Records contained in a dataset
━━━━━━━━━━━━━━━━

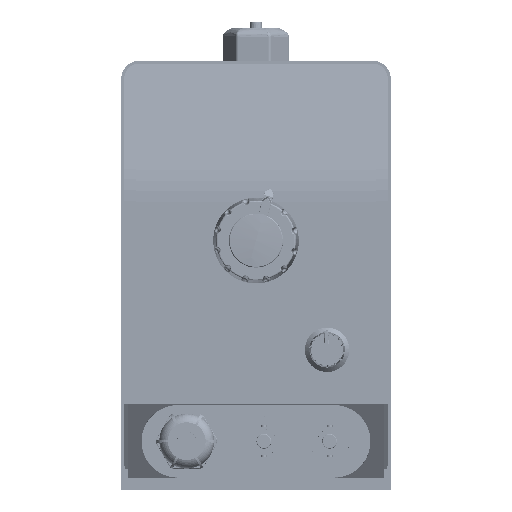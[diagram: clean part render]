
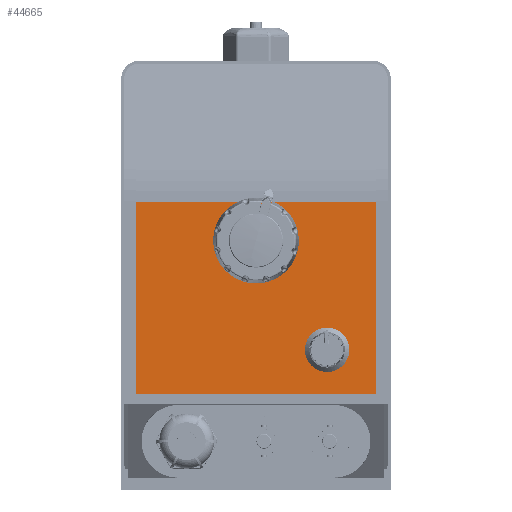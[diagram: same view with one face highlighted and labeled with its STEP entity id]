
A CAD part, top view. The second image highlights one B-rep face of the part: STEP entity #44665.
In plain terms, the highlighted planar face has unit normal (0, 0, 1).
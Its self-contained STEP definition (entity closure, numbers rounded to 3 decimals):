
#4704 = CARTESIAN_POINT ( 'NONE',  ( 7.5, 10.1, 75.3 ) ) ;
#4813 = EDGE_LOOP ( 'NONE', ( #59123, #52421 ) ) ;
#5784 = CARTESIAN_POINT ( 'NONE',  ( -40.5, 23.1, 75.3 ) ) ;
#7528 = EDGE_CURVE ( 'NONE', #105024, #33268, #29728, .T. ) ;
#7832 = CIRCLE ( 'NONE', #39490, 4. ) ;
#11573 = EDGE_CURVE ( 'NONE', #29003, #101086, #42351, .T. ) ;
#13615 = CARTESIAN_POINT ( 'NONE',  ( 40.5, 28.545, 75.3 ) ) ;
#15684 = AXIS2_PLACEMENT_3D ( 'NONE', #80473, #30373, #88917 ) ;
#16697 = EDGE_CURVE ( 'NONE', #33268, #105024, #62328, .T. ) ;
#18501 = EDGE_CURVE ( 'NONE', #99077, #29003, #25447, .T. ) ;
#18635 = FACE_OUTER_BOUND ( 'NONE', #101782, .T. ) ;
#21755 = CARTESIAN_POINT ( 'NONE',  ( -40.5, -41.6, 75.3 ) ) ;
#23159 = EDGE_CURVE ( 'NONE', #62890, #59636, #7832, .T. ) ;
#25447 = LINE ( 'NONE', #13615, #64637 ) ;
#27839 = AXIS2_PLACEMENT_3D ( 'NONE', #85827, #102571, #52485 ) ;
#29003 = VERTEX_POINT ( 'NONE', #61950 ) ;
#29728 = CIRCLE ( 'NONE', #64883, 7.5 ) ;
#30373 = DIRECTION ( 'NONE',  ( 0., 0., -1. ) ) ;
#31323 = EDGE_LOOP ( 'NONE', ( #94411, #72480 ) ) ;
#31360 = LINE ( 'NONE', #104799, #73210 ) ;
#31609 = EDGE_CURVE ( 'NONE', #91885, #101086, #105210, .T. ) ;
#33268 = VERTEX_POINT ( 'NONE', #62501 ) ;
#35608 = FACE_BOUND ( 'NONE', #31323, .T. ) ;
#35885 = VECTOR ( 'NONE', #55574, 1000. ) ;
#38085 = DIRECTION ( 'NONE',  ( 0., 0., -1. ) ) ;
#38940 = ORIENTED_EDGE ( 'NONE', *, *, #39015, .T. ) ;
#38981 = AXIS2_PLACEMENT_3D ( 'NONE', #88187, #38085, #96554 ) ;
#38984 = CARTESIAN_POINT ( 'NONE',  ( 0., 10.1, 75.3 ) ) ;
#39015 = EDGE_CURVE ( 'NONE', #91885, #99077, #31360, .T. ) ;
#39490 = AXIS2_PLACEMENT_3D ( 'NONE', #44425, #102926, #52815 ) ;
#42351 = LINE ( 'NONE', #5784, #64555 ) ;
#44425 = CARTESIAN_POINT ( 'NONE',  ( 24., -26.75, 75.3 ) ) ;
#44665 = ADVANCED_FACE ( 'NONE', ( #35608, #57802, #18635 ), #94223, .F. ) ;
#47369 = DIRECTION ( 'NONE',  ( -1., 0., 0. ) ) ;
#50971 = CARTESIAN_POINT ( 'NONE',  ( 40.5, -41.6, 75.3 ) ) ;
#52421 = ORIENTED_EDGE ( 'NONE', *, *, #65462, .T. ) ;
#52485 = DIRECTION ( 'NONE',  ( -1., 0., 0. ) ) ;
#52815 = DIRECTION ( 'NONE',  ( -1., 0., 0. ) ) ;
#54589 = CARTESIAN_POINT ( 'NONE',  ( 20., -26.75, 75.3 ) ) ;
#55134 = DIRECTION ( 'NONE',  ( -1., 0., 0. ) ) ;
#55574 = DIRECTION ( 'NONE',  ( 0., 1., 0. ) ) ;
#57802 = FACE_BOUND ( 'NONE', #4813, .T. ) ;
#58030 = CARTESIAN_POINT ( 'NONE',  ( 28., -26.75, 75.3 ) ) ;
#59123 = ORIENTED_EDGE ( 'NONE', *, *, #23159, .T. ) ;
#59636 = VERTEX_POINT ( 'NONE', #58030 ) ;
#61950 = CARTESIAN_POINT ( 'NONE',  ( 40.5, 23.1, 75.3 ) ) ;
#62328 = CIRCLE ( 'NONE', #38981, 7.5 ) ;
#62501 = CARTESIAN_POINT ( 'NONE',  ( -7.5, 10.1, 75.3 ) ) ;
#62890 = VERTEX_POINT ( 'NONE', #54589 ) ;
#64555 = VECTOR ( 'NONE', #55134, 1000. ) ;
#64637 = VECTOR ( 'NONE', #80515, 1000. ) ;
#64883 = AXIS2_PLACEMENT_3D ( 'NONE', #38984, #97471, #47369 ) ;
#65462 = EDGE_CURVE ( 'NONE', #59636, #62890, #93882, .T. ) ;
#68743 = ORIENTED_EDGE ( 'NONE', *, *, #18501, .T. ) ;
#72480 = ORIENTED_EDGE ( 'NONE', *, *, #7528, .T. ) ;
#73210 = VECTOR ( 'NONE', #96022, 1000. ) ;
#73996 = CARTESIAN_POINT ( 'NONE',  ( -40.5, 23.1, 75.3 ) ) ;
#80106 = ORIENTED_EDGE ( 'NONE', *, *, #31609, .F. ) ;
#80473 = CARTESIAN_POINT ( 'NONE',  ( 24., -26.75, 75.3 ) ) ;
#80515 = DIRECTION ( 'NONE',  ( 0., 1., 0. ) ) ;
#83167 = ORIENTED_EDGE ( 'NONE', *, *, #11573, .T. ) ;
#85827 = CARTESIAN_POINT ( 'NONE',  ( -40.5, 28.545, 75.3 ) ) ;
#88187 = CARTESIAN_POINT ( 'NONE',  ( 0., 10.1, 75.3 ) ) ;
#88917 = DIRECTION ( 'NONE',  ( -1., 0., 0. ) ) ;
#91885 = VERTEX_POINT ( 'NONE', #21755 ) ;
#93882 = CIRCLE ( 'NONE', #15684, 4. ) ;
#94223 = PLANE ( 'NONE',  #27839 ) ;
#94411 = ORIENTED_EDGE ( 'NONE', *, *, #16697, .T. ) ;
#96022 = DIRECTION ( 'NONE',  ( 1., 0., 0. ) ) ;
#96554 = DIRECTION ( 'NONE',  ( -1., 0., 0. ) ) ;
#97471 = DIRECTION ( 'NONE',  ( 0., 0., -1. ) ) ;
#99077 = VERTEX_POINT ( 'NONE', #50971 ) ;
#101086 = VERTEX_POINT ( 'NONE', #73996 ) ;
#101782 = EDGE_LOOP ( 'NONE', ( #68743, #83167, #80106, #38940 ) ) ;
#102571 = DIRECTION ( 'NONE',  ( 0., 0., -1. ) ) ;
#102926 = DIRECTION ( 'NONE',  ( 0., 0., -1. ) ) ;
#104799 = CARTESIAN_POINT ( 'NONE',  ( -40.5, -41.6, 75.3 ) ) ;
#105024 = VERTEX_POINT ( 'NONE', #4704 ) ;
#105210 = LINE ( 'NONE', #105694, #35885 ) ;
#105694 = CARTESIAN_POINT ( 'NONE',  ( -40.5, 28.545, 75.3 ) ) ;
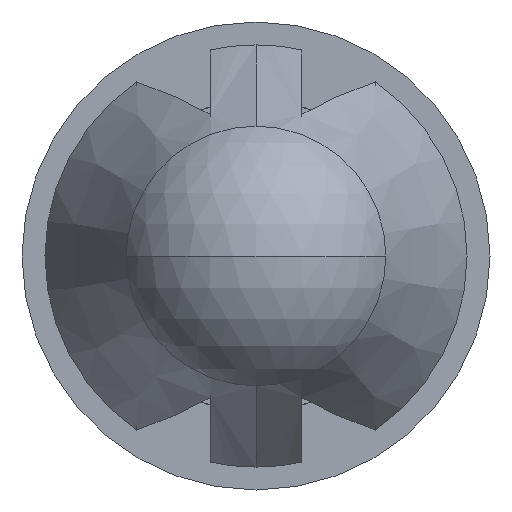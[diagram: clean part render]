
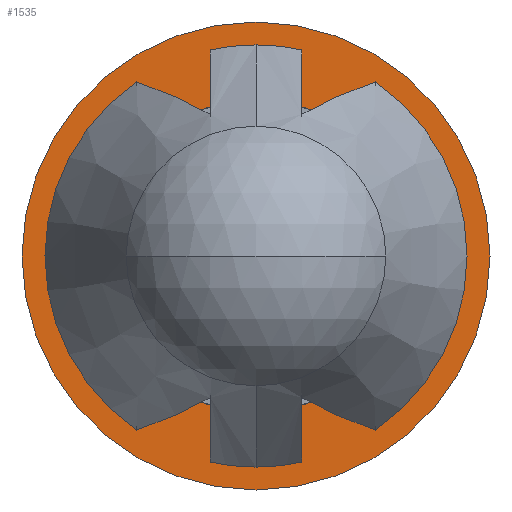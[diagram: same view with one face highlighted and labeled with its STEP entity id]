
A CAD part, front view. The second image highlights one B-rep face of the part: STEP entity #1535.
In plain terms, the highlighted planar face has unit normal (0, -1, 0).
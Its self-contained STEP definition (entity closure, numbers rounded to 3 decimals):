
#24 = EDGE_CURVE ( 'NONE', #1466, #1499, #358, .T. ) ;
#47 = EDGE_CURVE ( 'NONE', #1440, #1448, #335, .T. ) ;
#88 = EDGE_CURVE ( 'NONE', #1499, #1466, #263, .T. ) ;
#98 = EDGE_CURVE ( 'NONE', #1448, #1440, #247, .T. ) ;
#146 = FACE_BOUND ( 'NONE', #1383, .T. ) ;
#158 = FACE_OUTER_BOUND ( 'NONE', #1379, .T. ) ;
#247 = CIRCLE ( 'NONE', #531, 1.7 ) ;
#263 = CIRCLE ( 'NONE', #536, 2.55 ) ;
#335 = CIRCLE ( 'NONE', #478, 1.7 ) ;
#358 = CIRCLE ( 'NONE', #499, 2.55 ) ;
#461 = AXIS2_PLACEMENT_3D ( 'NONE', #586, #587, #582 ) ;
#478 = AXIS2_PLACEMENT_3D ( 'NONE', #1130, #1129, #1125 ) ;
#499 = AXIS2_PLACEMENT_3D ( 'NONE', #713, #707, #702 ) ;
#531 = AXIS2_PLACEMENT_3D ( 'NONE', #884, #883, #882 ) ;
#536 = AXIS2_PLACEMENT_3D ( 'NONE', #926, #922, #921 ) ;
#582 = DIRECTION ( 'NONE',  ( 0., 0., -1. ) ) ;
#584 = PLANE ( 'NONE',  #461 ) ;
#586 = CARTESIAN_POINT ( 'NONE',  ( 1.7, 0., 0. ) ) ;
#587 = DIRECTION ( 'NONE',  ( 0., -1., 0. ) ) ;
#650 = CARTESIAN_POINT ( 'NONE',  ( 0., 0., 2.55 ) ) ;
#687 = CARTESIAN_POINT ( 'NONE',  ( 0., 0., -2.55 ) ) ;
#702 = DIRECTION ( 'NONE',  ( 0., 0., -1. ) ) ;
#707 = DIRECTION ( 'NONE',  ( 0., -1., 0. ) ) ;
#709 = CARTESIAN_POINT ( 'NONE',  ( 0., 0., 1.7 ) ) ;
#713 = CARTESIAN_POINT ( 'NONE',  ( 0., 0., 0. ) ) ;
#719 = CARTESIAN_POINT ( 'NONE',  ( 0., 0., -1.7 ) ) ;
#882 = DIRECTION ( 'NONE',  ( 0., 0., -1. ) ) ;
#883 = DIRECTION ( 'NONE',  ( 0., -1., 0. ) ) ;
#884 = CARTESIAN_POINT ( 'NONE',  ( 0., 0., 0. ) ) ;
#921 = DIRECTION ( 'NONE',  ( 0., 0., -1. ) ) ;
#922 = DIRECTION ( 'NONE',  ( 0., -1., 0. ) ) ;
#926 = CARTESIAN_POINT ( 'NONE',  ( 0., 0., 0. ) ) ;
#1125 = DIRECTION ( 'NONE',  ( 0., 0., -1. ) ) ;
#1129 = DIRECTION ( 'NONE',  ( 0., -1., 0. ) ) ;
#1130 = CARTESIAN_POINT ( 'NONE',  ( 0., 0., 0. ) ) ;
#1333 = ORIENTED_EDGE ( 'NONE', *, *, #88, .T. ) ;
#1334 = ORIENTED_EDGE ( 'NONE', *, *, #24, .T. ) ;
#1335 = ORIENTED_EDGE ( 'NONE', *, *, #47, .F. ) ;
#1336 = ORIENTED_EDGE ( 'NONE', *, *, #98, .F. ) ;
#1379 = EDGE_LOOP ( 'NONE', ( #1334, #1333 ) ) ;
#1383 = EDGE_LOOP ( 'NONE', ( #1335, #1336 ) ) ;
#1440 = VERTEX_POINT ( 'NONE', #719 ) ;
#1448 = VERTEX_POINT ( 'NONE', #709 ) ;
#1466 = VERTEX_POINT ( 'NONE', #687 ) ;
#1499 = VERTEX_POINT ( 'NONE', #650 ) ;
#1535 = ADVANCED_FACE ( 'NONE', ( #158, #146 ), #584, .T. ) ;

━━━━━━━━━━━━━━━━

● To do: The lines above starting at the one that contains "A CAD part, top" and ending at the one that contains "#7832 = CIRCLE ( 'NONE', #39490, 4. ) ;" must be transcribed exactly, and no other lines may appear.

● Exercise solution:
A CAD part, top view. The second image highlights one B-rep face of the part: STEP entity #44665.
In plain terms, the highlighted planar face has unit normal (0, 0, 1).
Its self-contained STEP definition (entity closure, numbers rounded to 3 decimals):
#4704 = CARTESIAN_POINT ( 'NONE',  ( 7.5, 10.1, 75.3 ) ) ;
#4813 = EDGE_LOOP ( 'NONE', ( #59123, #52421 ) ) ;
#5784 = CARTESIAN_POINT ( 'NONE',  ( -40.5, 23.1, 75.3 ) ) ;
#7528 = EDGE_CURVE ( 'NONE', #105024, #33268, #29728, .T. ) ;
#7832 = CIRCLE ( 'NONE', #39490, 4. ) ;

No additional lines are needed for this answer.